Ok, so my husband and I have been married for only 3.5 short months. Less than a month after we got married I found some adult text messages between him and another woman on his phone. This broke my heart completely. I confronted him about it and he swore up and down that this was the first time he had talked to anyone like that. I searched our phone bills for numbers that I didn't know. I found several that he would txt and send pictures to at all hours of the night. I wanted to know for sure that he was talking to these women so I texted them from my phone and found out who they were and what they talked about. Well come to find out my husband had been talking to them in a sexual manner too...he had even told one he wanted to "hook up" the day after our wedding. The kicker to all this is that he doesn't talk to them from any of his profiles, he makes up fake identities, with a different name, different picture and everything. Well I confronted him about the other girls and he finally confessed and told me that he does that instead of looking at porn, he said he like the interaction. We discussed that even though he was talking to those women as another man that it was still cheating. He swore that he would delete all profiles and screen names he used to do this. Now, 2 months later, I found 3 screen names, a fake myspace page and lot of nude pics of women. 

We have only had sex 3 times in the past month, even though I ask and try to get things started almost everyday. I am coming to the end of my rope and I don't know what to do. I love my husband more than anything. This hurts me so much, I really want our marriage to last, but if this continues I'm not sure that it will. 

What would you do in my situation? Any advice will be welcomed.


----------



## tornbetweenthemboth (Oct 21, 2009)

First of all so sry....I went through this also, and its the hardest thing to deal with especially when they lie. If you need someone to talk 2 u can count on me...


----------



## txmommy04 (Oct 21, 2009)

Thanks. I just don't know what to do. I want to stay with him, but at the same time I can't continue to emotionally handle the lies and the cheating.


----------



## strawberry4 (Nov 11, 2009)

My husband cheated on me with the internet too...it is so hard, because it's not the bar, or gym...it's cheating right in your own house...in my case right in front of me!! The internet is so accessible, especially when my husband is such a computer guru!! 13 months of this and I still occassionally check, when a red flag appears, I was SOOOO trusting that my husband would never do something like this, I felt so stupid it was being done literally right under my nose. So you do what you can, trust is probably the hardest part. I don't know if or when I can trust him completely? If he has his laptop on his lap and he puts his leg up and I can't see the screen I will freak...bad memories. I don't want to be stupid and think it can never happen again but then you will sabotage the relationship if you can't move on. It's such a tough cituation.
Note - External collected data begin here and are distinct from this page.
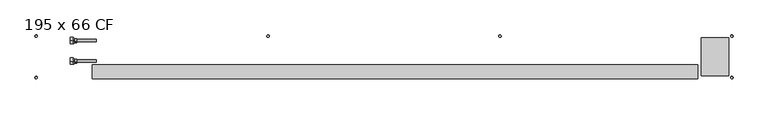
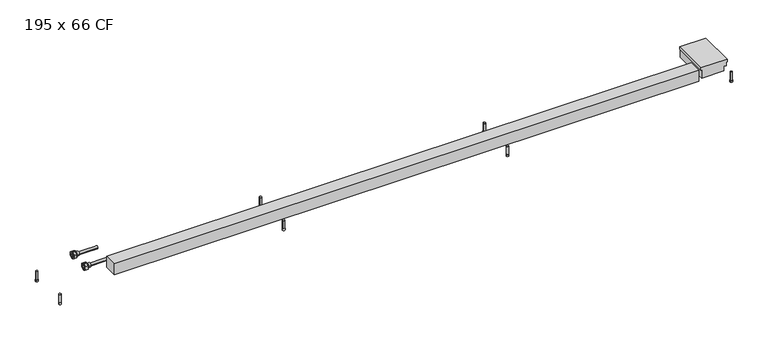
"""IFC4 building model written with IfcOpenShell, lengths in millimetres: proxy geometry, Mohlenhof_Внутрипольный конвектор_QSKM CF : 195 x 66 CF."""

import ifcopenshell
import ifcopenshell.guid

model = None  # the IFC model being written
_history = None  # IfcOwnerHistory: only IFC2X3 demands one
_inside = {}  # id of a spatial element -> (the spatial element, [elements in it])
_under = {}  # id of a project, library or spatial element -> (it, [spatial elements below it])
_declared = {}  # id of a project -> (the project, [libraries it declares])
_typed = {}  # id of a type object -> (the type object, [elements of that type])
_made_of = {}  # id of a material, layer set ... -> (it, [elements and type objects made of it])


def new_model(schema):
    """Start an empty IFC model of exactly this schema.

    Asked for "IFC4X3", IfcOpenShell would pick the latest addendum, in which some entities
    have other attributes; the version numbers below select the first issue.
    IFC2X3 requires an IfcOwnerHistory on every rooted entity: one is made here for all.
    """
    global model, _history
    if schema == "IFC4X3":
        model = ifcopenshell.file(schema_version=(4, 3, 0, 0))
    else:
        model = ifcopenshell.file(schema=schema)
    _inside.clear()
    _under.clear()
    _declared.clear()
    _typed.clear()
    _made_of.clear()
    _history = None
    if model.schema == "IFC2X3":
        org = make("IfcOrganization", Name="unknown")
        user = make(
            "IfcPersonAndOrganization",
            ThePerson=make("IfcPerson", FamilyName="unknown"),
            TheOrganization=org,
        )
        app = make(
            "IfcApplication",
            ApplicationDeveloper=org,
            Version="unknown",
            ApplicationFullName="unknown",
            ApplicationIdentifier="unknown",
        )
        _history = make(
            "IfcOwnerHistory",
            OwningUser=user,
            OwningApplication=app,
            ChangeAction="ADDED",
            CreationDate=0,
        )
    return model


def make(cls, **values):
    """One entity of the class cls with the attributes given. An attribute that is None is left unset."""
    return model.create_entity(
        cls, **{name: value for name, value in values.items() if value is not None}
    )


def rooted(cls, **values):
    """An entity with a GlobalId (a new one), such as an element, a storey or a relation."""
    return make(cls, GlobalId=ifcopenshell.guid.new(), OwnerHistory=_history, **values)


def si_unit(unit_type, name, prefix=None):
    """IfcSIUnit, for example si_unit("LENGTHUNIT", "METRE", prefix="MILLI")."""
    return make("IfcSIUnit", UnitType=unit_type, Prefix=prefix, Name=name)


def assignment(units):
    """IfcUnitAssignment: the units of a project."""
    return None if units is None else make("IfcUnitAssignment", Units=units)


def point(xyz):
    """IfcCartesianPoint."""
    return None if xyz is None else make("IfcCartesianPoint", Coordinates=xyz)


def direction(xyz):
    """IfcDirection."""
    return None if xyz is None else make("IfcDirection", DirectionRatios=xyz)


def frame(location, z_axis=None, x_axis=None):
    """IfcAxis2Placement3D, a coordinate frame: its origin and axes. An axis left out is left unset."""
    return make(
        "IfcAxis2Placement3D",
        Location=point(location),
        Axis=direction(z_axis),
        RefDirection=direction(x_axis),
    )


def frame_2d(location, x_axis=None):
    """IfcAxis2Placement2D, a coordinate frame in the plane: its origin and x axis."""
    return make(
        "IfcAxis2Placement2D", Location=point(location), RefDirection=direction(x_axis)
    )


def origin():
    """The frame at (0, 0, 0) with its axes left unset."""
    return frame((0.0, 0.0, 0.0))


def place(relative_to, where):
    """IfcLocalPlacement: puts the frame where relative to a parent placement (None: the world)."""
    return make(
        "IfcLocalPlacement", PlacementRelTo=relative_to, RelativePlacement=where
    )


def context(
    kind, dimensions, precision=None, world=None, true_north=None, identifier=None
):
    """IfcGeometricRepresentationContext, for example the 3D "Model" context."""
    return make(
        "IfcGeometricRepresentationContext",
        ContextIdentifier=identifier,
        ContextType=kind,
        CoordinateSpaceDimension=dimensions,
        Precision=precision,
        WorldCoordinateSystem=world,
        TrueNorth=true_north,
    )


def project(units=None, contexts=None):
    """IfcProject with its units and contexts."""
    return rooted(
        "IfcProject",
        Name="project",
        RepresentationContexts=contexts,
        UnitsInContext=assignment(units),
    )


def spatial(cls, under=None, at=None, **own):
    """A site, building, storey or space (cls), placed at a placement, below another one or the project."""
    s = rooted(cls, ObjectPlacement=at, **own)
    if under is not None:
        _under.setdefault(under.id(), (under, []))[1].append(s)
    return s


def polyline(points):
    """IfcPolyline through the points."""
    return make("IfcPolyline", Points=[point(p) for p in points])


def circle_curve(where, radius):
    """IfcCircle in the frame where."""
    return make("IfcCircle", Position=where, Radius=radius)


def trimmed(basis, trim1, trim2, sense, master):
    """IfcTrimmedCurve: the piece of a basis curve between two trims."""
    return make(
        "IfcTrimmedCurve",
        BasisCurve=basis,
        Trim1=trim1,
        Trim2=trim2,
        SenseAgreement=sense,
        MasterRepresentation=master,
    )


def segment(curve, same_sense, transition):
    """IfcCompositeCurveSegment."""
    return make(
        "IfcCompositeCurveSegment",
        Transition=transition,
        SameSense=same_sense,
        ParentCurve=curve,
    )


def composite_curve(segments, self_intersect=None):
    """IfcCompositeCurve: segments joined end to end."""
    return make("IfcCompositeCurve", Segments=segments, SelfIntersect=self_intersect)


def outline(outer, holes=None, kind="AREA"):
    """IfcArbitraryClosedProfileDef: a profile drawn as a closed curve; with holes, ...WithVoids."""
    if holes is None:
        return make("IfcArbitraryClosedProfileDef", ProfileType=kind, OuterCurve=outer)
    return make(
        "IfcArbitraryProfileDefWithVoids",
        ProfileType=kind,
        OuterCurve=outer,
        InnerCurves=holes,
    )


def extrude(swept, where, along, depth):
    """IfcExtrudedAreaSolid: the profile swept, set in the frame where, extruded along a direction by depth."""
    return make(
        "IfcExtrudedAreaSolid",
        SweptArea=swept,
        Position=where,
        ExtrudedDirection=direction(along),
        Depth=depth,
    )


def shape(context_of_items, identifier, shape_type, items):
    """IfcShapeRepresentation: the items that make up one representation, for example the "Body"."""
    return make(
        "IfcShapeRepresentation",
        ContextOfItems=context_of_items,
        RepresentationIdentifier=identifier,
        RepresentationType=shape_type,
        Items=items,
    )


def source(mapping_origin, context_of_items, identifier, shape_type, items):
    """IfcRepresentationMap: a shape defined once, which mapped items show again and again."""
    return make(
        "IfcRepresentationMap",
        MappingOrigin=mapping_origin,
        MappedRepresentation=shape(context_of_items, identifier, shape_type, items),
    )


def transform(
    local_origin,
    x_axis=None,
    y_axis=None,
    z_axis=None,
    scale=None,
    scale2=None,
    scale3=None,
    uniform=True,
):
    """IfcCartesianTransformationOperator3D, or its non-uniform kind. x_axis, y_axis, z_axis: its Axis1, 2, 3."""
    if uniform:
        return make(
            "IfcCartesianTransformationOperator3D",
            Axis1=direction(x_axis),
            Axis2=direction(y_axis),
            LocalOrigin=point(local_origin),
            Scale=scale,
            Axis3=direction(z_axis),
        )
    return make(
        "IfcCartesianTransformationOperator3DnonUniform",
        Axis1=direction(x_axis),
        Axis2=direction(y_axis),
        LocalOrigin=point(local_origin),
        Scale=scale,
        Axis3=direction(z_axis),
        Scale2=scale2,
        Scale3=scale3,
    )


def mapped(mapping_source, mapping_target):
    """IfcMappedItem: shows the shape of a source again, moved by a transform."""
    return make(
        "IfcMappedItem", MappingSource=mapping_source, MappingTarget=mapping_target
    )


def made_of(thing, what):
    """Note that an element or type object is made of a material, layer set ...; save() writes the relation."""
    if what is not None:
        _made_of.setdefault(what.id(), (what, []))[1].append(thing)
    return thing


def element(
    cls,
    number,
    at=None,
    inside=None,
    cuts=None,
    type_object=None,
    material=None,
    context=None,
    identifier="Body",
    shape_type=None,
    held_by="IfcProductDefinitionShape",
    body=None,
    shapes=None,
    **own,
):
    """One element of the class cls, such as IfcWall. Its Tag is "e" and its number.

    at: its placement. inside: the storey or other place that contains it. cuts: it is an
    opening in that element (IfcRelVoidsElement). A single representation is given by context,
    identifier, shape_type and body (its items); several are given by shapes. held_by: the class
    of the entity that holds the representations. save() writes the other relations.
    """
    e = rooted(cls, Tag="e%d" % number, ObjectPlacement=at, **own)
    if body is not None:
        shapes = [shape(context, identifier, shape_type, body)]
    if shapes is not None:
        e.Representation = make(held_by, Representations=shapes)
    if inside is not None:
        _inside.setdefault(inside.id(), (inside, []))[1].append(e)
    if cuts is not None:
        rooted(
            "IfcRelVoidsElement", RelatingBuildingElement=cuts, RelatedOpeningElement=e
        )
    if type_object is not None:
        _typed.setdefault(type_object.id(), (type_object, []))[1].append(e)
    return made_of(e, material)


def aggregate(whole, parts):
    """IfcRelAggregates: a whole, such as a stair, and the parts it consists of."""
    return rooted("IfcRelAggregates", RelatingObject=whole, RelatedObjects=parts)


def save(model, path):
    """Write the relations noted so far, then the file.

    IfcRelAggregates (storeys below a building ...), IfcRelContainedInSpatialStructure (elements
    in a storey), IfcRelDefinesByType, IfcRelAssociatesMaterial and IfcRelDeclares: one each for
    every whole, place, type object, material and project.
    """
    for whole, parts in _under.values():
        aggregate(whole, parts)
    for where, things in _inside.values():
        rooted(
            "IfcRelContainedInSpatialStructure",
            RelatedElements=things,
            RelatingStructure=where,
        )
    for kind, things in _typed.values():
        rooted("IfcRelDefinesByType", RelatedObjects=things, RelatingType=kind)
    for what, things in _made_of.values():
        rooted("IfcRelAssociatesMaterial", RelatedObjects=things, RelatingMaterial=what)
    for by, libraries in _declared.values():
        rooted("IfcRelDeclares", RelatingContext=by, RelatedDefinitions=libraries)
    model.write(path)


def plane_surface(at):
    """IfcPlane: the flat surface through the origin of the frame at, square to its z axis."""
    return make("IfcPlane", Position=at)


def cylinder_surface(at, radius):
    """IfcCylindricalSurface: all points at the distance radius from the z axis of the frame at."""
    return make("IfcCylindricalSurface", Position=at, Radius=radius)


def revolved_surface(curve, axis_point, axis_direction):
    """IfcSurfaceOfRevolution: the curve turned about the line through axis_point along axis_direction."""
    return make(
        "IfcSurfaceOfRevolution",
        SweptCurve=make("IfcArbitraryOpenProfileDef", ProfileType="CURVE", Curve=curve),
        AxisPosition=make("IfcAxis1Placement", Location=point(axis_point), Axis=direction(axis_direction)),
    )


def advanced_brep(points, edges, surfaces, faces):
    """IfcAdvancedBrep: a solid bounded by faces that lie on surfaces and meet in shared edges.

    An edge is (start, end): straight between two places in points (the first is 0);
    or (start, end, curve); or (start, end, curve, False) where it runs against its curve.
    A face is (place in surfaces, loops), or (place, loops, False) where it looks against
    its surface's normal. A loop lists edges by number (the first is 1), with a minus sign
    where the edge is run from its end to its start. The first loop is the outer one.
    """
    corners = [point(p) for p in points]
    vertices = [make("IfcVertexPoint", VertexGeometry=c) for c in corners]
    made = []
    for start, end, *more in edges:
        made.append(
            make(
                "IfcEdgeCurve",
                EdgeStart=vertices[start],
                EdgeEnd=vertices[end],
                EdgeGeometry=more[0] if more else make("IfcPolyline", Points=[corners[start], corners[end]]),
                SameSense=more[1] if len(more) > 1 else True,
            )
        )
    hull = []
    for where, loops, *sense in faces:
        bounds = []
        for j, loop in enumerate(loops):
            ring = [make("IfcOrientedEdge", EdgeElement=made[abs(k) - 1], Orientation=k > 0) for k in loop]
            bounds.append(
                make(
                    "IfcFaceOuterBound" if j == 0 else "IfcFaceBound",
                    Bound=make("IfcEdgeLoop", EdgeList=ring),
                    Orientation=True,
                )
            )
        hull.append(make("IfcAdvancedFace", Bounds=bounds, FaceSurface=surfaces[where], SameSense=sense[0] if sense else True))
    return make("IfcAdvancedBrep", Outer=make("IfcClosedShell", CfsFaces=hull))


def proxy_195_x_66_cf_dcdc219b(model_context):
    return source(origin(), model_context, "Body", "SolidModel", [
        extrude(outline(composite_curve([segment(trimmed(circle_curve(frame_2d((-425.0, -273.5)), 4.5), [point((-429.5, -273.5))], [point((-420.5, -273.5))], False, "CARTESIAN"), True, "CONTINUOUS"), segment(trimmed(circle_curve(frame_2d((-425.0, -273.5)), 4.5), [point((-420.5, -273.5))], [point((-429.5, -273.5))], False, "CARTESIAN"), True, "CONTINUOUS")], self_intersect=False)), frame((0.0, 0.0, -110.0), z_axis=(0.0, 0.0, 1.0), x_axis=(1.0, 0.0, 0.0)), (0.0, 0.0, 1.0), 7.0),
        extrude(outline(composite_curve([segment(trimmed(circle_curve(frame_2d((-425.0, -273.5)), 4.0), [point((-429.0, -273.5))], [point((-421.0, -273.5))], False, "CARTESIAN"), True, "CONTINUOUS"), segment(trimmed(circle_curve(frame_2d((-425.0, -273.5)), 4.0), [point((-421.0, -273.5))], [point((-429.0, -273.5))], False, "CARTESIAN"), True, "CONTINUOUS")], self_intersect=False)), frame((0.0, 0.0, -103.0), z_axis=(0.0, 0.0, 1.0), x_axis=(1.0, 0.0, 0.0)), (0.0, 0.0, 1.0), 32.5),
        extrude(outline(composite_curve([segment(trimmed(circle_curve(frame_2d((425.0, -273.5)), 4.5), [point((420.5, -273.5))], [point((429.5, -273.5))], False, "CARTESIAN"), True, "CONTINUOUS"), segment(trimmed(circle_curve(frame_2d((425.0, -273.5)), 4.5), [point((429.5, -273.5))], [point((420.5, -273.5))], False, "CARTESIAN"), True, "CONTINUOUS")], self_intersect=False)), frame((0.0, 0.0, -110.0), z_axis=(0.0, 0.0, 1.0), x_axis=(1.0, 0.0, 0.0)), (0.0, 0.0, 1.0), 7.0),
        extrude(outline(composite_curve([segment(trimmed(circle_curve(frame_2d((425.0, -273.5)), 4.0), [point((421.0, -273.5))], [point((429.0, -273.5))], False, "CARTESIAN"), True, "CONTINUOUS"), segment(trimmed(circle_curve(frame_2d((425.0, -273.5)), 4.0), [point((429.0, -273.5))], [point((421.0, -273.5))], False, "CARTESIAN"), True, "CONTINUOUS")], self_intersect=False)), frame((0.0, 0.0, -103.0), z_axis=(0.0, 0.0, 1.0), x_axis=(1.0, 0.0, 0.0)), (0.0, 0.0, 1.0), 32.5),
        extrude(outline(composite_curve([segment(trimmed(circle_curve(frame_2d((-425.0, -121.5)), 4.5), [point((-429.5, -121.5))], [point((-420.5, -121.5))], False, "CARTESIAN"), True, "CONTINUOUS"), segment(trimmed(circle_curve(frame_2d((-425.0, -121.5)), 4.5), [point((-420.5, -121.5))], [point((-429.5, -121.5))], False, "CARTESIAN"), True, "CONTINUOUS")], self_intersect=False)), frame((0.0, 0.0, -110.0), z_axis=(0.0, 0.0, 1.0), x_axis=(1.0, 0.0, 0.0)), (0.0, 0.0, 1.0), 7.0),
        extrude(outline(composite_curve([segment(trimmed(circle_curve(frame_2d((-425.0, -121.5)), 4.0), [point((-429.0, -121.5))], [point((-421.0, -121.5))], False, "CARTESIAN"), True, "CONTINUOUS"), segment(trimmed(circle_curve(frame_2d((-425.0, -121.5)), 4.0), [point((-421.0, -121.5))], [point((-429.0, -121.5))], False, "CARTESIAN"), True, "CONTINUOUS")], self_intersect=False)), frame((0.0, 0.0, -103.0), z_axis=(0.0, 0.0, 1.0), x_axis=(1.0, 0.0, 0.0)), (0.0, 0.0, 1.0), 32.5),
        extrude(outline(composite_curve([segment(trimmed(circle_curve(frame_2d((425.0, -121.5)), 4.5), [point((420.5, -121.5))], [point((429.5, -121.5))], False, "CARTESIAN"), True, "CONTINUOUS"), segment(trimmed(circle_curve(frame_2d((425.0, -121.5)), 4.5), [point((429.5, -121.5))], [point((420.5, -121.5))], False, "CARTESIAN"), True, "CONTINUOUS")], self_intersect=False)), frame((0.0, 0.0, -110.0), z_axis=(0.0, 0.0, 1.0), x_axis=(1.0, 0.0, 0.0)), (0.0, 0.0, 1.0), 7.0),
        extrude(outline(composite_curve([segment(trimmed(circle_curve(frame_2d((425.0, -121.5)), 4.0), [point((421.0, -121.5))], [point((429.0, -121.5))], False, "CARTESIAN"), True, "CONTINUOUS"), segment(trimmed(circle_curve(frame_2d((425.0, -121.5)), 4.0), [point((429.0, -121.5))], [point((421.0, -121.5))], False, "CARTESIAN"), True, "CONTINUOUS")], self_intersect=False)), frame((0.0, 0.0, -103.0), z_axis=(0.0, 0.0, 1.0), x_axis=(1.0, 0.0, 0.0)), (0.0, 0.0, 1.0), 32.5),
        advanced_brep(
        [(-1139.0, -213.0, -41.0), (-1139.0, -201.0, -41.0), (-1139.0, -225.0, -41.0), (-1126.5, -220.5, -41.0), (-1126.5, -205.5, -41.0), (-1126.5, -213.0, -41.0), (-1134.0, -220.5, -41.0), (-1134.0, -205.5, -41.0)],
        [
            (0, 1),
            (1, 2, circle_curve(frame((-1139.0, -213.0, -41.0), z_axis=(-1.0, 0.0, 0.0), x_axis=(0.0, 1.0, 0.0)), 12.0)),
            (2, 0),
            (2, 1, circle_curve(frame((-1139.0, -213.0, -41.0), z_axis=(-1.0, 0.0, 0.0), x_axis=(0.0, 1.0, 0.0)), 12.0)),
            (3, 4, circle_curve(frame((-1126.5, -213.0, -41.0), z_axis=(1.0, 0.0, 0.0), x_axis=(0.0, 1.0, 0.0)), 7.5)),
            (4, 5),
            (5, 3),
            (4, 3, circle_curve(frame((-1126.5, -213.0, -41.0), z_axis=(1.0, 0.0, 0.0), x_axis=(0.0, 1.0, 0.0)), 7.5)),
            (6, 7, circle_curve(frame((-1134.0, -213.0, -41.0), z_axis=(1.0, 0.0, 0.0), x_axis=(0.0, 1.0, 0.0)), 7.5)),
            (7, 4),
            (3, 6),
            (7, 6, circle_curve(frame((-1134.0, -213.0, -41.0), z_axis=(1.0, 0.0, 0.0), x_axis=(0.0, 1.0, 0.0)), 7.5)),
            (1, 7),
            (6, 2),
        ],
        [
            plane_surface(frame((-1139.0, -213.0, -41.0), z_axis=(-1.0, 0.0, 0.0), x_axis=(0.0, 1.0, 0.0))),
            plane_surface(frame((-1126.5, -213.0, -41.0), z_axis=(1.0, 0.0, 0.0), x_axis=(0.0, 1.0, 0.0))),
            cylinder_surface(frame((-1139.0, -213.0, -41.0), z_axis=(-1.0, 0.0, 0.0), x_axis=(0.0, 1.0, 0.0)), 7.5),
            revolved_surface(polyline([(-1134.0, -205.5, -41.0), (-1139.0, -201.0, -41.0)]), (-1139.0, -213.0, -41.0), (-1.0, 0.0, 0.0)),
        ],
        [
            (0, [[1, 2, 3]]),
            (0, [[-3, 4, -1]]),
            (1, [[5, 6, 7]]),
            (1, [[8, -7, -6]]),
            (2, [[9, 10, -5, 11]]),
            (2, [[12, -11, -8, -10]]),
            (3, [[-2, 13, -9, 14]]),
            (3, [[-4, -14, -12, -13]]),
        ],
    ),
        extrude(outline(polyline([(-213.0, -27.1435935), (-201.0, -34.0717968), (-201.0, -47.9282032), (-213.0, -54.8564065), (-225.0, -47.9282032), (-225.0, -34.0717968), (-213.0, -27.1435935)]), holes=[composite_curve([segment(trimmed(circle_curve(frame_2d((-213.0, -41.0)), 8.5), [point((-204.5, -41.0))], [point((-221.5, -41.0))], True, "CARTESIAN"), True, "CONTINUOUS"), segment(trimmed(circle_curve(frame_2d((-213.0, -41.0)), 8.5), [point((-221.5, -41.0))], [point((-204.5, -41.0))], True, "CARTESIAN"), True, "CONTINUOUS")], self_intersect=False)]), frame((-1150.0, 0.0, 0.0), z_axis=(1.0, 0.0, 0.0), x_axis=(0.0, 1.0, 0.0)), (0.0, 0.0, 1.0), 11.0),
        advanced_brep(
        [(-1139.0, -138.0, -41.0), (-1139.0, -126.0, -41.0), (-1139.0, -150.0, -41.0), (-1126.5, -145.5, -41.0), (-1126.5, -130.5, -41.0), (-1126.5, -138.0, -41.0), (-1134.0, -145.5, -41.0), (-1134.0, -130.5, -41.0)],
        [
            (0, 1),
            (1, 2, circle_curve(frame((-1139.0, -138.0, -41.0), z_axis=(-1.0, 0.0, 0.0), x_axis=(0.0, 1.0, 0.0)), 12.0)),
            (2, 0),
            (2, 1, circle_curve(frame((-1139.0, -138.0, -41.0), z_axis=(-1.0, 0.0, 0.0), x_axis=(0.0, 1.0, 0.0)), 12.0)),
            (3, 4, circle_curve(frame((-1126.5, -138.0, -41.0), z_axis=(1.0, 0.0, 0.0), x_axis=(0.0, 1.0, 0.0)), 7.5)),
            (4, 5),
            (5, 3),
            (4, 3, circle_curve(frame((-1126.5, -138.0, -41.0), z_axis=(1.0, 0.0, 0.0), x_axis=(0.0, 1.0, 0.0)), 7.5)),
            (6, 7, circle_curve(frame((-1134.0, -138.0, -41.0), z_axis=(1.0, 0.0, 0.0), x_axis=(0.0, 1.0, 0.0)), 7.5)),
            (7, 4),
            (3, 6),
            (7, 6, circle_curve(frame((-1134.0, -138.0, -41.0), z_axis=(1.0, 0.0, 0.0), x_axis=(0.0, 1.0, 0.0)), 7.5)),
            (1, 7),
            (6, 2),
        ],
        [
            plane_surface(frame((-1139.0, -138.0, -41.0), z_axis=(-1.0, 0.0, 0.0), x_axis=(0.0, 1.0, 0.0))),
            plane_surface(frame((-1126.5, -138.0, -41.0), z_axis=(1.0, 0.0, 0.0), x_axis=(0.0, 1.0, 0.0))),
            cylinder_surface(frame((-1139.0, -138.0, -41.0), z_axis=(-1.0, 0.0, 0.0), x_axis=(0.0, 1.0, 0.0)), 7.5),
            revolved_surface(polyline([(-1134.0, -130.5, -41.0), (-1139.0, -126.0, -41.0)]), (-1139.0, -138.0, -41.0), (-1.0, 0.0, 0.0)),
        ],
        [
            (0, [[1, 2, 3]]),
            (0, [[-3, 4, -1]]),
            (1, [[5, 6, 7]]),
            (1, [[8, -7, -6]]),
            (2, [[9, 10, -5, 11]]),
            (2, [[12, -11, -8, -10]]),
            (3, [[-2, 13, -9, 14]]),
            (3, [[-4, -14, -12, -13]]),
        ],
    ),
        extrude(outline(polyline([(-138.0, -27.1435935), (-126.0, -34.0717968), (-126.0, -47.9282032), (-138.0, -54.8564065), (-150.0, -47.9282032), (-150.0, -34.0717968), (-138.0, -27.1435935)]), holes=[composite_curve([segment(trimmed(circle_curve(frame_2d((-138.0, -41.0)), 8.5), [point((-129.5, -41.0))], [point((-146.5, -41.0))], True, "CARTESIAN"), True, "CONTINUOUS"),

I never caught my husband with pictures of woman or anything but I did catch him saying extremely inappropriate comments to woman in live webcams and chat rooms(men are really stupid, they can get caught pretty easy). My H is 38 and he would be talking to 21 and up girls, sick...
I could take a bat to every computer in my house and I would be happy!! But I guess that is unrealistic!!
Good luck


----------



## Atholk (Jul 25, 2009)

Well what's the marriage going to be like when the warm happy newlywed glow wears off and the sex declines....? 

What's the up side to being with his guy??!??!


----------



## cody5 (Sep 2, 2009)

Please do EVERYONE a favor and hold off on having kids until this gets sorted out. Not good. Having kids DOES NOT bring together a troubled marriage. And sorry to say, this is a troubled marriage. 3.5 months married and he's into internet sex (yes, I'm sure it's gone there) more than real sex w/ you?

Sorry This is bad.


----------